In answer, Peck told him “Not much,” and then went on to regale him with a laundry list of woes, not the least of which was his bitch of a wife, and then Caroline came back and they all three had a shot of Jäger and the band pounded away at a Nirvana tune and they just listened, nodding their heads to the beat. When the band took a break, Caroline went outside to have a smoke and Dudley leaned in, his elbows tented on the bar, and opined, “It sucks about the restaurant.”
It did. Peck agreed. There was movement at the door, ingress and egress; somebody stuck some money in the jukebox and the noise came roaring back.
“Yeah,” Dudley said, raising his voice to be heard above it, “and it sucks about Gina too.”
A little fist began to beat inside Peck's right temple. “What do you mean?”

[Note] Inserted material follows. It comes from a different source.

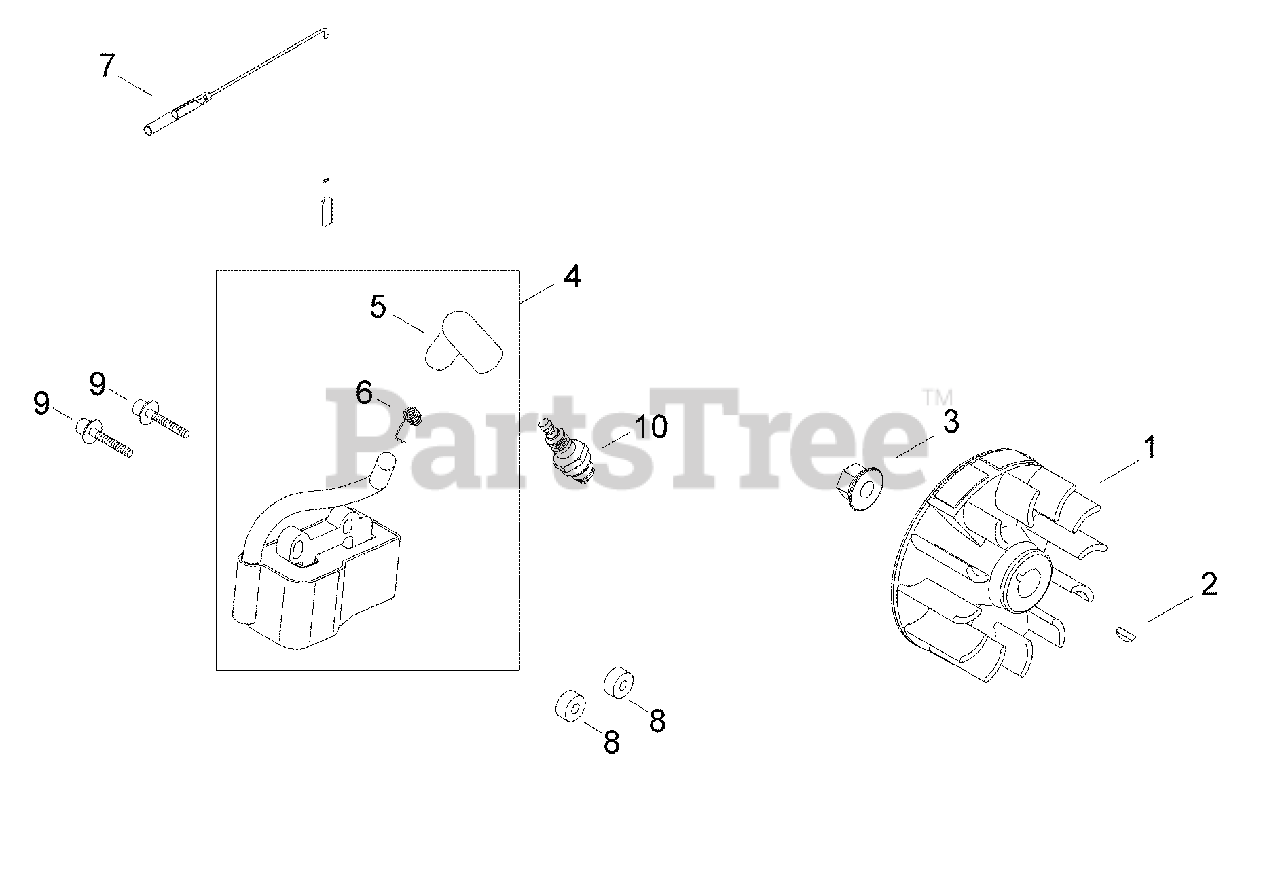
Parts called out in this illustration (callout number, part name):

Dudley's face receded, flying away down the length of the bar like a toy balloon with human features painted on it, and then it floated back again. “You mean you don't know?”

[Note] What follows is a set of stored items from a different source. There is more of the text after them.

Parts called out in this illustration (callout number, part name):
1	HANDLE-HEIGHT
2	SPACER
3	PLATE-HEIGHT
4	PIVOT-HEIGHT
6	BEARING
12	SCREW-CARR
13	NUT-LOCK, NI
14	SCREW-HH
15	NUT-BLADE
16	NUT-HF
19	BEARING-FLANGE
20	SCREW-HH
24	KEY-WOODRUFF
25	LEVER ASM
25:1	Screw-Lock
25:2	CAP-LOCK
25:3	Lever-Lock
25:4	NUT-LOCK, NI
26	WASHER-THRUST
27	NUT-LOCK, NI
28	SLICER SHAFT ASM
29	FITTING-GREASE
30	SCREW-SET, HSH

The next day, he didn't go in to work. He felt the faintest sting of conscience-they'd be shorthanded, short on produce too, and the dishwasher would just sit around and listen to right-wing talk on the radio and Skip would be so drunk he'd burn the crust off the pies and squeeze the calzone till it looked like road kill on a plate-but the tatters of his work ethic were nothing in the face of the rage he felt. What was he working for, anyway? “Who” was he working for? At first he refused to believe what Dudley was telling him. That she was seeing anybody was enough to light all his fuses, but that she was going out with-sleeping with, “fucking”-Stuart Yan was beyond comprehension. That he was Asian, or half-Asian, had nothing to do with it, nothing at all (and yet he couldn't help wondering just exactly how the Bullhead must have felt about that). The problem, the immediate problem that settled inside him with the weight of a stone, was how he was going to face people, anybody-Dudley, his friends, former customers, people at the bar-when his wife was fucking some slope and he was paying for it, paying for her to just lie around like a slut and get laid all day.